Records from a dataset
----

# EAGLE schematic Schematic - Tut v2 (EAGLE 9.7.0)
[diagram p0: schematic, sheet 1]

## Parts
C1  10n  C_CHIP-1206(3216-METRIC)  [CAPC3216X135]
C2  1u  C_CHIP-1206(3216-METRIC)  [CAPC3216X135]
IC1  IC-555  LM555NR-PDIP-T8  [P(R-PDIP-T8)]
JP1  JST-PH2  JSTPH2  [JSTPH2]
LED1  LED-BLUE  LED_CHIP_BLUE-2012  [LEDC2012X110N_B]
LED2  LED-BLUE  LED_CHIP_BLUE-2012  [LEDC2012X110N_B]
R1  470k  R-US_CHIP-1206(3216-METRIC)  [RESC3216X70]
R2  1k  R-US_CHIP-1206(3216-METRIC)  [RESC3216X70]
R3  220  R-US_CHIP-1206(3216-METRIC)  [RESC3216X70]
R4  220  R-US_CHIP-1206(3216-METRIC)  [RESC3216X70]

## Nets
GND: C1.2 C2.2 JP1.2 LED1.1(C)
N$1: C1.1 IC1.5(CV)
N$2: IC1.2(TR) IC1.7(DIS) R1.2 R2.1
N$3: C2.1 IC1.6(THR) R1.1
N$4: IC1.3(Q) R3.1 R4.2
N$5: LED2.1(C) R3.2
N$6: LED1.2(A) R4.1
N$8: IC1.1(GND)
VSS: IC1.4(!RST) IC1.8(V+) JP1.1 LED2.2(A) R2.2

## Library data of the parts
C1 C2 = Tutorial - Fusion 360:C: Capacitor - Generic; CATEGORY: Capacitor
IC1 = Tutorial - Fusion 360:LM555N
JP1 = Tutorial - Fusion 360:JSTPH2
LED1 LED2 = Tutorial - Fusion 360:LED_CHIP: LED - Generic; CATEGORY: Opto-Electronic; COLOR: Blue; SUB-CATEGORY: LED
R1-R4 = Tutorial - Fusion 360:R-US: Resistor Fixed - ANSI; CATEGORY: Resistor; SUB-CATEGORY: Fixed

----

### Work instructions
Within the records above, determine the number of lines that hold the word "Fusion" and return only that value.

### Exercise solution
5